| Listed entries |
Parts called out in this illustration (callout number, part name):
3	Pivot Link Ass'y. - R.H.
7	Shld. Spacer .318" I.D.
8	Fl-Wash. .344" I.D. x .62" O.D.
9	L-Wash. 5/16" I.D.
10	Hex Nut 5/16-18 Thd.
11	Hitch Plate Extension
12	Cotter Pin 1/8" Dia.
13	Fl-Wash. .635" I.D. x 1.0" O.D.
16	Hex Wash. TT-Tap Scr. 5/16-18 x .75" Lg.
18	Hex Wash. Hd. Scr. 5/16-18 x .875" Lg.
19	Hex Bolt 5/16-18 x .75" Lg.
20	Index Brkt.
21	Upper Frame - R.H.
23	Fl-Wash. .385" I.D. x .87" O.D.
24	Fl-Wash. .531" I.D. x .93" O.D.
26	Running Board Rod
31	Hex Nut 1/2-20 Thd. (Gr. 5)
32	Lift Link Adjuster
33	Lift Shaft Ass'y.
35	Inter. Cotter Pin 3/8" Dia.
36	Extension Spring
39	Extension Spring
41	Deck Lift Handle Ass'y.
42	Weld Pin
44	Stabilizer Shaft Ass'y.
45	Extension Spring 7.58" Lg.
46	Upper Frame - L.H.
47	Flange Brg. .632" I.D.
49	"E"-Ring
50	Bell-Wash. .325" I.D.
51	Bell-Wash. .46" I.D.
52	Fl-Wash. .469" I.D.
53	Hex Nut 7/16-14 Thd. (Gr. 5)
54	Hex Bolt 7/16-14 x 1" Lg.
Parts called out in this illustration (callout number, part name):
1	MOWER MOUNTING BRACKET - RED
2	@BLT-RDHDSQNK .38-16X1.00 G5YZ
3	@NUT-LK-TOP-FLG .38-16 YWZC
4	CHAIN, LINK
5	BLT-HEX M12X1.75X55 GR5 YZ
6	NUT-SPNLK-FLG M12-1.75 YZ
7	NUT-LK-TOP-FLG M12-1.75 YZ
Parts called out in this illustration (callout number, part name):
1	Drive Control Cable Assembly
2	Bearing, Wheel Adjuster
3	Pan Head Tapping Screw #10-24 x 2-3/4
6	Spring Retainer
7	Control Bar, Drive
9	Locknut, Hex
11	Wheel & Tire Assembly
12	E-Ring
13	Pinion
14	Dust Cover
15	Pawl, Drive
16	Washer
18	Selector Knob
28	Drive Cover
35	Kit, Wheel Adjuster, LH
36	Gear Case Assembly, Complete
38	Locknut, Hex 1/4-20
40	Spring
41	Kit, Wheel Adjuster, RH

| Assigned task |
If a line in the records above has the word "Cotter", copy it.

| Result for this task |
12	Cotter Pin 1/8" Dia.
35	Inter. Cotter Pin 3/8" Dia.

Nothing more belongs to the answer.